For myself, it usually goes something like this. I’m fine and life is great and then I start to feel “off”, sometimes by a trigger I am well aware of, and other times by a trigger that I never noticed happened. My symptoms start intensifying, my thinking gets more and more distorted, and things start hurting more. Little things like someone not responding to my text message quickly (especially if my text was something where I felt like I was opening up emotionally), will start to worsen my symptoms. For myself, I try to talk myself through those moments, but it doesn’t really seem to matter because once BPD sets in, its very hard to get out of it. These “little things” keep happening, everywhere, and heaven forbid other triggers occur, and the whole thing just grows and morphs and keeps gaining more strength.

On one hand, I want or need that person SO badly that I feel like I will literally die if I don’t get them close to me. I guess I already feel abandoned at this time. This need for them, however, hurts and is terrifying. It hurts because there is no possible way in the world that they could be there enough for me to ease the emptiness and the need that I have, because it’s just too big and too intense, and so any attempt they may make just causes me more pain because it feels like they’ve failed me because they must not have cared enough, etc, because I still hurt. It’s terrifying because what if they don’t try? Or what if my need burdens them? What if this need is what causes them to say “Goodbye” because it’s too much for them to handle? It’s also terrifying, because the hurt is already too overwhelming, and if accepting their love and care does not help, and therefore causes more hurt, I just don’t know if I will make it. Again, it feels like I will literally die. This is a time that is the epitome of Marsha Linehan’s saying that “People with BPD are like people with third degree burns over 90% of their bodies. Lacking emotional skin, they feel agony at the slightest touch or movement.” This phase is like being one gigantic large severe open emotional wound.

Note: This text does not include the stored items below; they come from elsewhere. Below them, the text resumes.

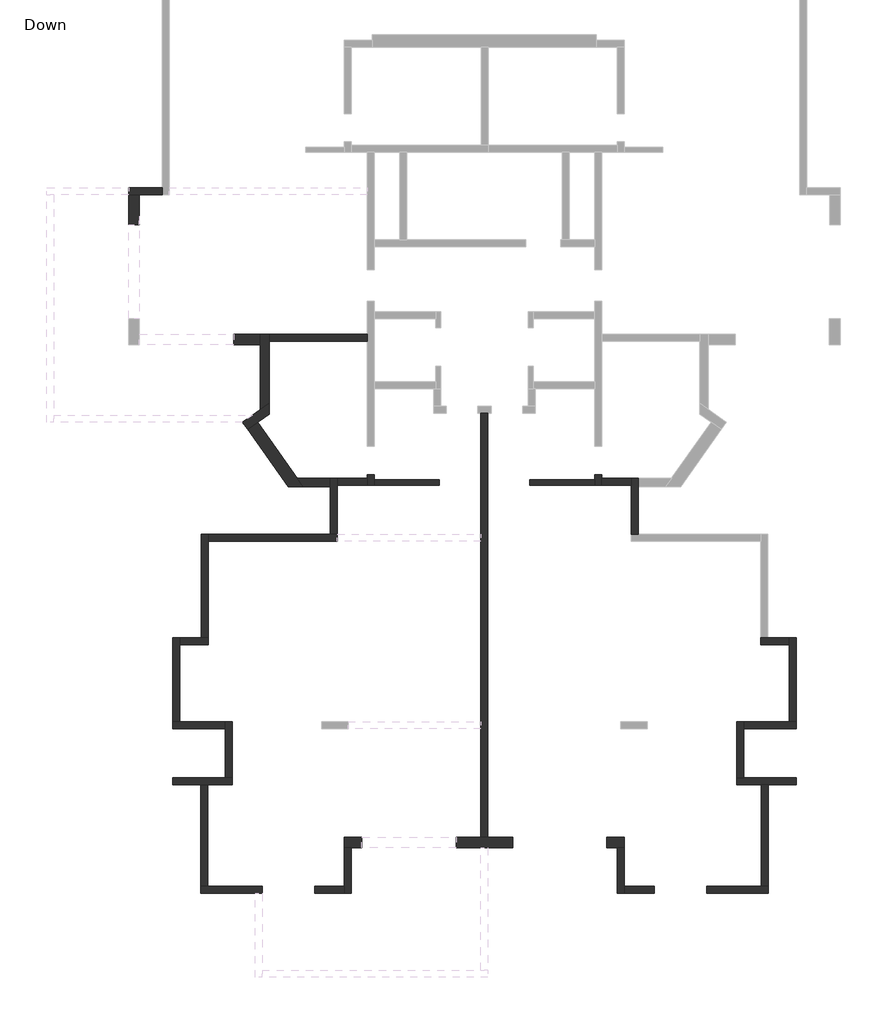
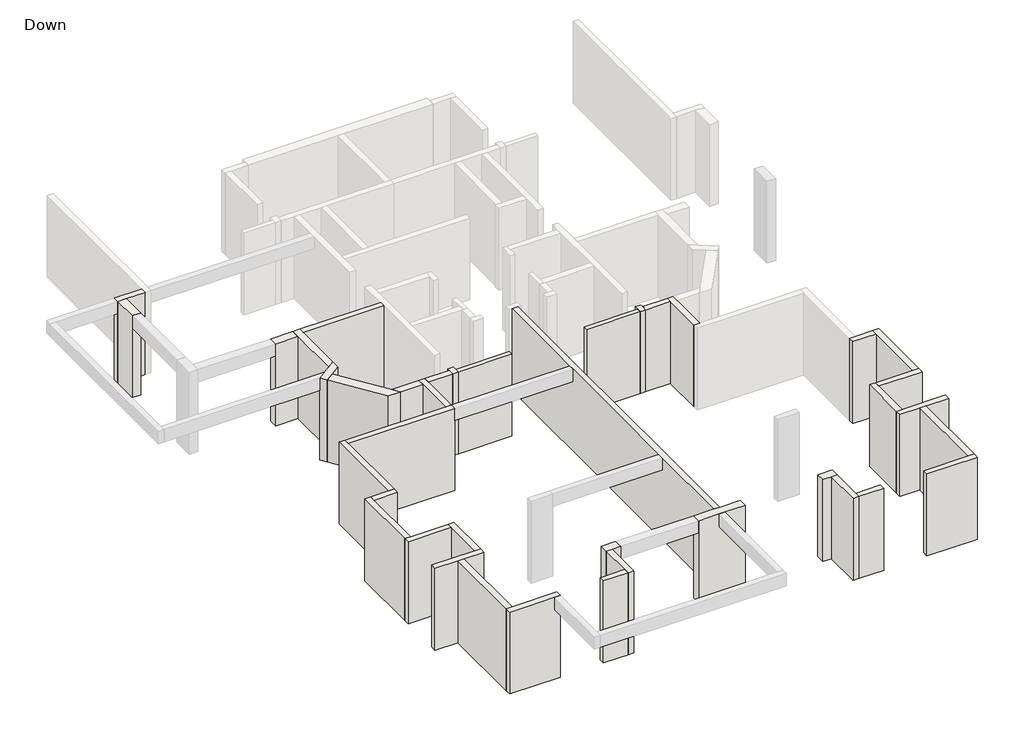
# One storey, part 1 of 3: 40 walls.
"""IFC4 building model written with IfcOpenShell, lengths in millimetres."""

import ifcopenshell
import ifcopenshell.guid

model = None  # the IFC model being written
_history = None  # IfcOwnerHistory: only IFC2X3 demands one
_inside = {}  # id of a spatial element -> (the spatial element, [elements in it])
_under = {}  # id of a project, library or spatial element -> (it, [spatial elements below it])
_declared = {}  # id of a project -> (the project, [libraries it declares])
_typed = {}  # id of a type object -> (the type object, [elements of that type])
_made_of = {}  # id of a material, layer set ... -> (it, [elements and type objects made of it])


def new_model(schema):
    """Start an empty IFC model of exactly this schema.

    Asked for "IFC4X3", IfcOpenShell would pick the latest addendum, in which some entities
    have other attributes; the version numbers below select the first issue.
    IFC2X3 requires an IfcOwnerHistory on every rooted entity: one is made here for all.
    """
    global model, _history
    if schema == "IFC4X3":
        model = ifcopenshell.file(schema_version=(4, 3, 0, 0))
    else:
        model = ifcopenshell.file(schema=schema)
    _inside.clear()
    _under.clear()
    _declared.clear()
    _typed.clear()
    _made_of.clear()
    _history = None
    if model.schema == "IFC2X3":
        org = make("IfcOrganization", Name="unknown")
        user = make(
            "IfcPersonAndOrganization",
            ThePerson=make("IfcPerson", FamilyName="unknown"),
            TheOrganization=org,
        )
        app = make(
            "IfcApplication",
            ApplicationDeveloper=org,
            Version="unknown",
            ApplicationFullName="unknown",
            ApplicationIdentifier="unknown",
        )
        _history = make(
            "IfcOwnerHistory",
            OwningUser=user,
            OwningApplication=app,
            ChangeAction="ADDED",
            CreationDate=0,
        )
    return model


def make(cls, **values):
    """One entity of the class cls with the attributes given. An attribute that is None is left unset."""
    return model.create_entity(
        cls, **{name: value for name, value in values.items() if value is not None}
    )


def rooted(cls, **values):
    """An entity with a GlobalId (a new one), such as an element, a storey or a relation."""
    return make(cls, GlobalId=ifcopenshell.guid.new(), OwnerHistory=_history, **values)


def si_unit(unit_type, name, prefix=None):
    """IfcSIUnit, for example si_unit("LENGTHUNIT", "METRE", prefix="MILLI")."""
    return make("IfcSIUnit", UnitType=unit_type, Prefix=prefix, Name=name)


def assignment(units):
    """IfcUnitAssignment: the units of a project."""
    return None if units is None else make("IfcUnitAssignment", Units=units)


def point(xyz):
    """IfcCartesianPoint."""
    return None if xyz is None else make("IfcCartesianPoint", Coordinates=xyz)


def direction(xyz):
    """IfcDirection."""
    return None if xyz is None else make("IfcDirection", DirectionRatios=xyz)


def frame(location, z_axis=None, x_axis=None):
    """IfcAxis2Placement3D, a coordinate frame: its origin and axes. An axis left out is left unset."""
    return make(
        "IfcAxis2Placement3D",
        Location=point(location),
        Axis=direction(z_axis),
        RefDirection=direction(x_axis),
    )


def origin():
    """The frame at (0, 0, 0) with its axes left unset."""
    return frame((0.0, 0.0, 0.0))


def place(relative_to, where):
    """IfcLocalPlacement: puts the frame where relative to a parent placement (None: the world)."""
    return make(
        "IfcLocalPlacement", PlacementRelTo=relative_to, RelativePlacement=where
    )


def context(
    kind, dimensions, precision=None, world=None, true_north=None, identifier=None
):
    """IfcGeometricRepresentationContext, for example the 3D "Model" context."""
    return make(
        "IfcGeometricRepresentationContext",
        ContextIdentifier=identifier,
        ContextType=kind,
        CoordinateSpaceDimension=dimensions,
        Precision=precision,
        WorldCoordinateSystem=world,
        TrueNorth=true_north,
    )


def project(units=None, contexts=None):
    """IfcProject with its units and contexts."""
    return rooted(
        "IfcProject",
        Name="project",
        RepresentationContexts=contexts,
        UnitsInContext=assignment(units),
    )


def spatial(cls, under=None, at=None, **own):
    """A site, building, storey or space (cls), placed at a placement, below another one or the project."""
    s = rooted(cls, ObjectPlacement=at, **own)
    if under is not None:
        _under.setdefault(under.id(), (under, []))[1].append(s)
    return s


def faces_of(points, faces, orient=None, outer=None):
    """IfcFace entities. A face is a list of loops; a loop is a list of indices into points, from 0.

    orient and outer hold one flag for each loop. By default every Orientation is true, the
    first loop of a face is its IfcFaceOuterBound and the others are IfcFaceBound.
    """
    made = []
    for i, loops in enumerate(faces):
        bounds = []
        for j, loop in enumerate(loops):
            is_outer = j == 0 if outer is None else outer[i][j]
            bounds.append(
                make(
                    "IfcFaceOuterBound" if is_outer else "IfcFaceBound",
                    Bound=make("IfcPolyLoop", Polygon=[points[k] for k in loop]),
                    Orientation=True if orient is None else orient[i][j],
                )
            )
        made.append(make("IfcFace", Bounds=bounds))
    return made


def faceted_brep(points, faces, orient=None, outer=None, voids=None):
    """IfcFacetedBrep: a solid bounded by flat faces; with voids (closed shells), ...WithVoids."""
    shared = [point(p) for p in points]
    hull = make("IfcClosedShell", CfsFaces=faces_of(shared, faces, orient, outer))
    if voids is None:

This hurt and fear, and fear of more hurt and abandonment makes me extremely push people away, usually the very one(s) I need the most. I need loved, but I’m too sensitive, hurt, and afraid to accept it.

Another fear, at least for me, is that I worry I will hurt them. I know what I’m capable of. I know how sensitive I am. I know what I’m battling and the behavior I am trying to control, and what if that person gets close to me and I can’t control myself? I don’t want to hurt them.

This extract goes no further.